Parallel processing of chemical information in a local area network--III. Using genetic algorithms for conformational analysis of biomacromolecules.

Multi-dimensional nuclear magnetic resonance experiments are an excellent means of revealing the three-dimensional structure of biomacromolecules in solution. However, the search space in the conformational analysis of biomacromolecules, using multi-dimensional NMR data, is huge and complex. This calls for global optimization techniques with good sampling properties. This paper describes a genetic algorithm that optimizes the fit between (simulated) experimental two-dimensional Nuclear Overhauser Effect spectra and the corresponding calculated spectra for trial structures. This is a very computational intensive procedure.
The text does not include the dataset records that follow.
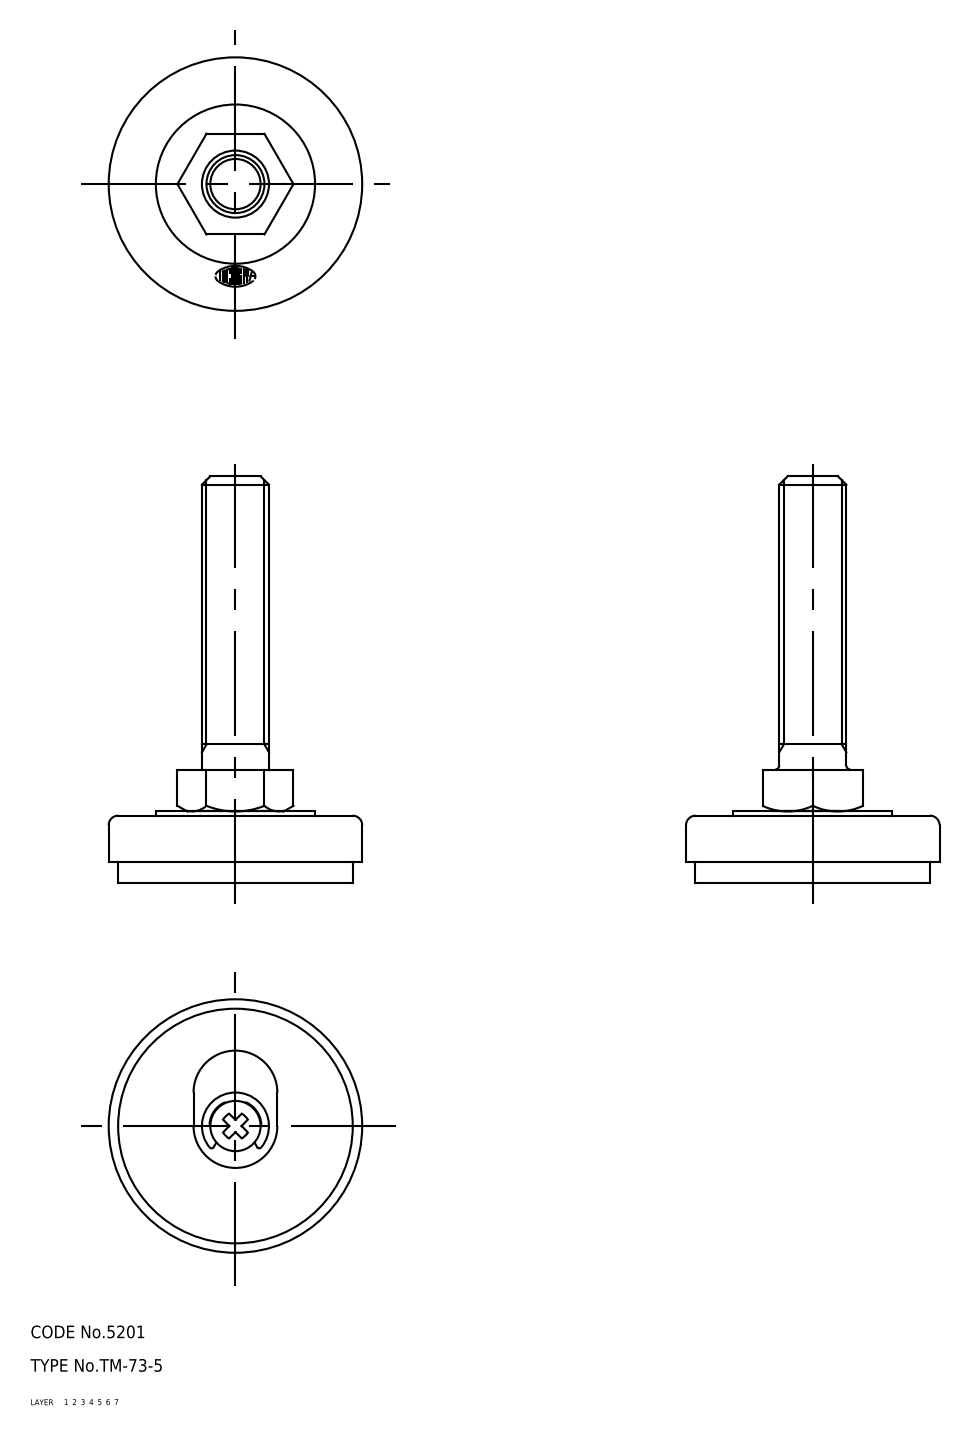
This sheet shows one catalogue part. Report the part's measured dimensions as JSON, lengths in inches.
{"part_name": "washer; rubber pad; retainer; cover (+3 more)", "step_written_by": "CADfix (AUTOMOTIVE_DESIGN)", "units": "inches", "bodies": {"solids": 6, "faces": 119, "planar": 0, "cylindrical": 0, "other": 119}, "overall_size": [3.819, 2.382, 2.382], "volume_in3": 3.7, "surface_area_in2": 49.01}
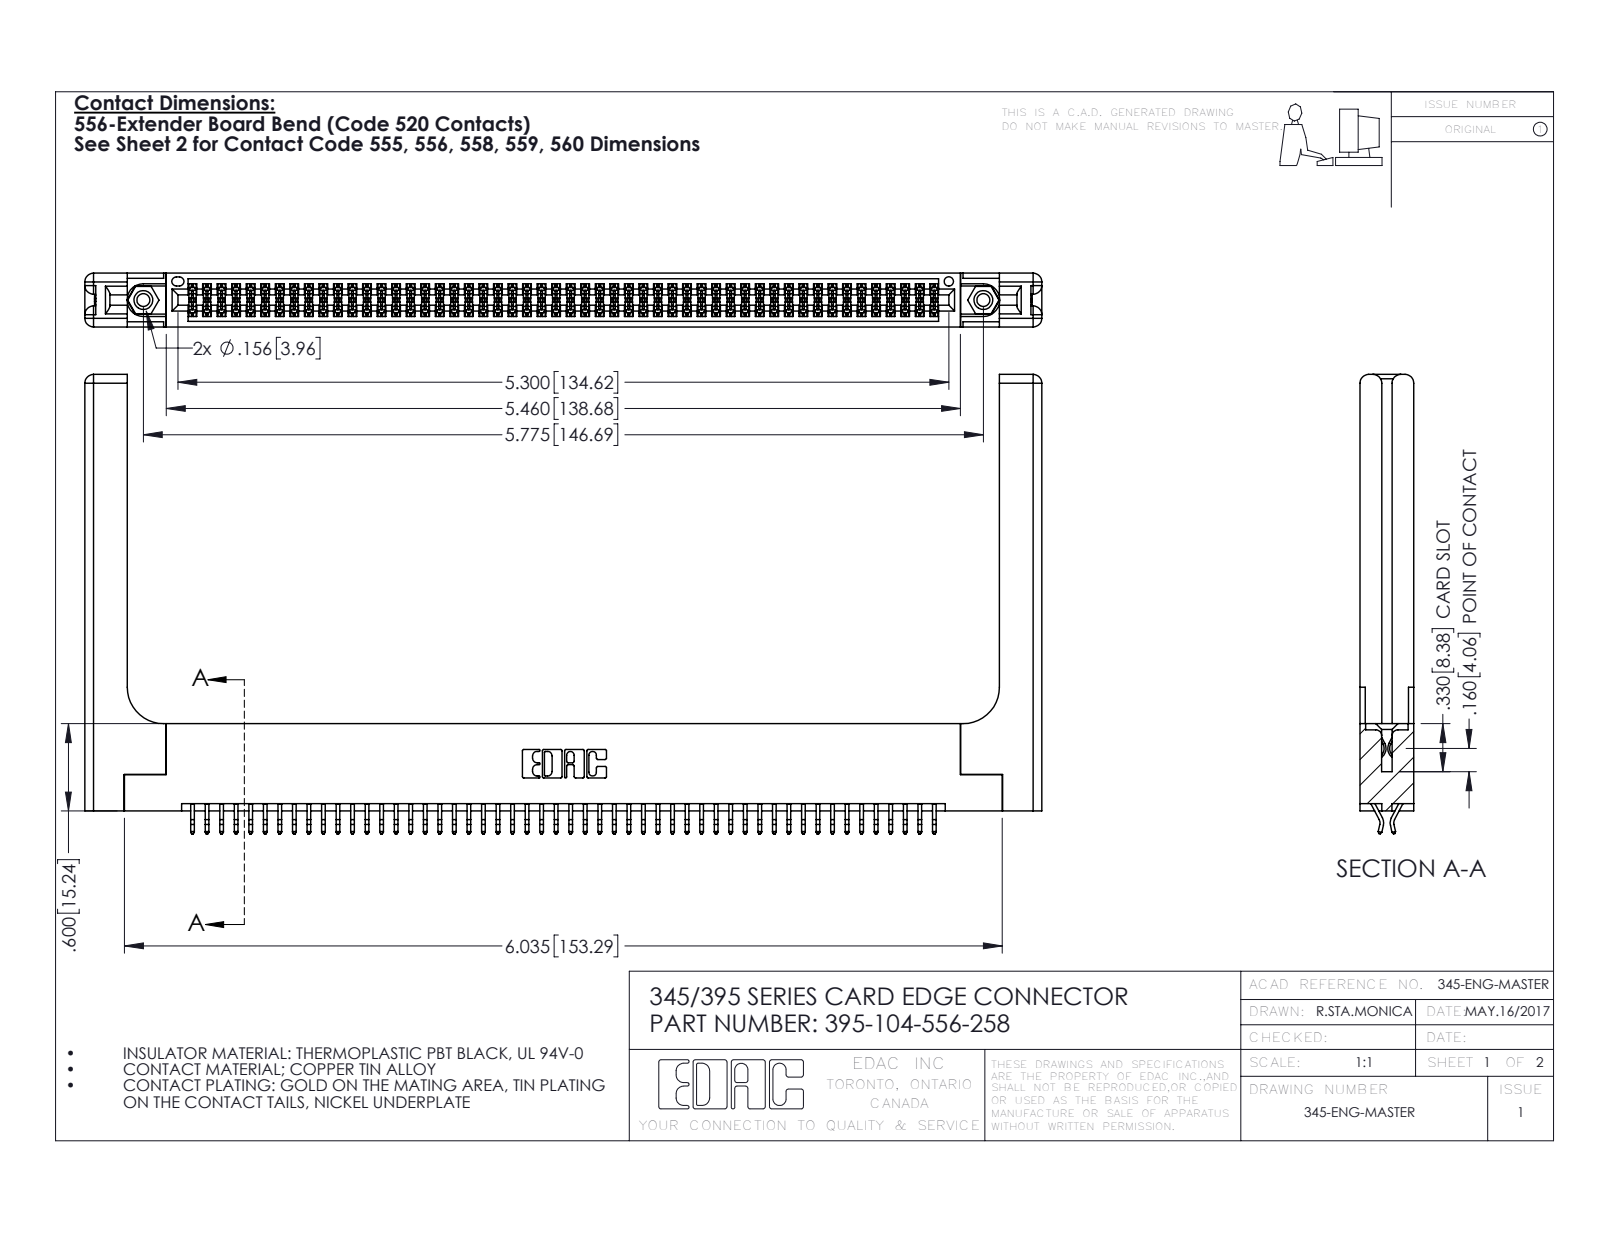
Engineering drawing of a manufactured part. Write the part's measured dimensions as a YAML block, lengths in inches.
part_name: "345-220-058_345-220-058; 395-104-556-258; 345-250-001_345-250-001-102; 345-292-001_556 Tail (+1 more)"
step_written_by: "SolidWorks 2016 (CONFIG_CONTROL_DESIGN)"
units: inches
bodies: {solids: 109, faces: 6206, planar: 4076, cylindrical: 2070, other: 60}
overall_size: [6.579, 3.157, 0.37]
volume: 1.513
surface_area: 45.4
round_holes:
  - {diameter: 0.089, count: 2}
  - {diameter: 0.125, count: 2}
  - {diameter: 0.156, count: 2}
  - {diameter: 0.064, count: 1}
round_bosses_or_shafts:
  - {diameter: 0.155, count: 2}
partial_cylinders:
  - {radius: 0.006, count: 156}
  - {radius: 0.01, count: 22}
  - {radius: 0.06, count: 16}
  - {radius: 0.007, count: 6}
  - {radius: 0.031, count: 6}
  - {radius: 0.026, count: 3}
  - {radius: 0.01, count: 2}
  - {radius: 0.014, count: 2}
face_to_face_distances: [0.072, 0.298, 0.37, 0.2, 0.025, 0.098, 0.272, 0.225, 0.148, 0.15]
hole_center_spacings: [0.27, 5.539, 5.775]
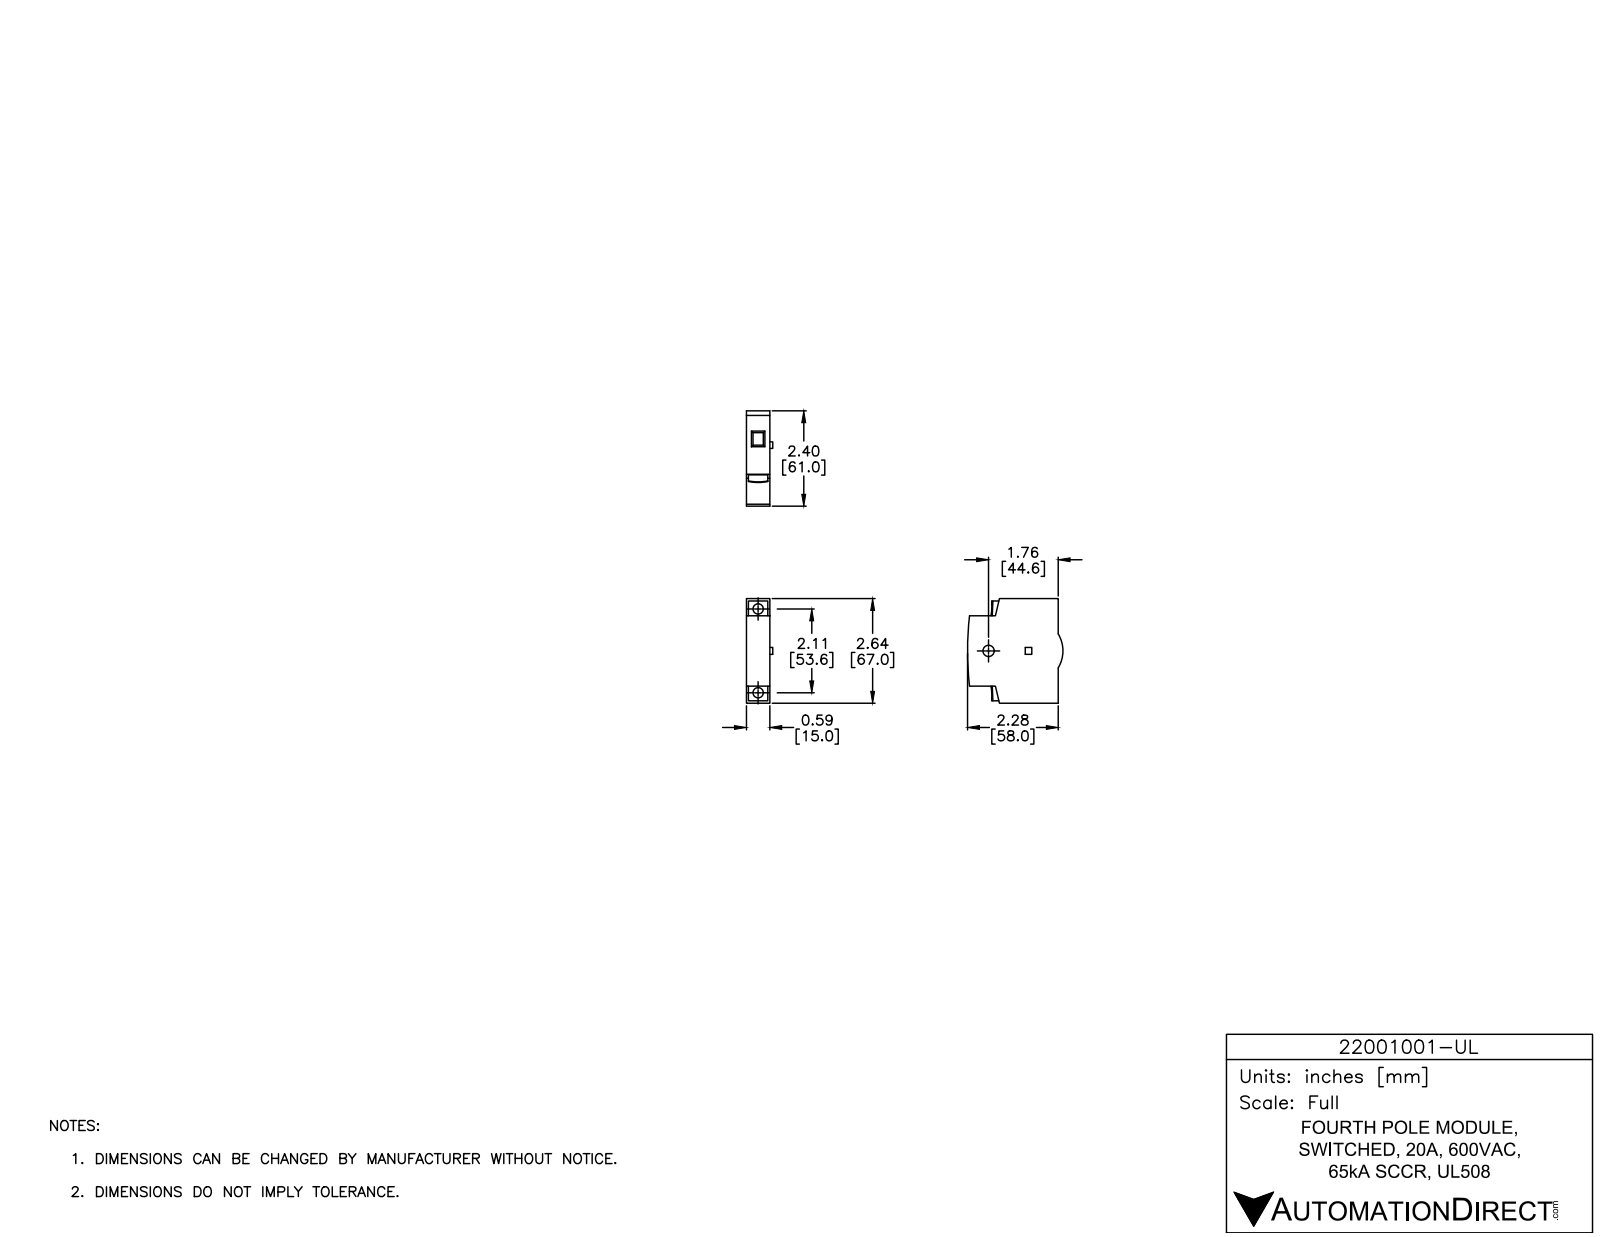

Speed-up of performance is achieved by parallelizing the algorithm, i.e. creating small subpopulations of trial structures, each of which can be processed on different processors. Good sampling behavior is obtained by initializing each subpopulation with its own random seed and the introduction of a migration operator. The latter replaces the best performing individual from one subpopulation with the worst performing individual from another subpopulation after a predetermined number of generations. A parallel genetic algorithm for the conformational analysis of nucleic acids is developed using the software package HYDRA. It is demonstrated that, for the data sets used in the study, a considerable reduction in computation time is obtained for the parallel genetic algorithm as compared to a sequential implementation, while the same optimal solutions are found.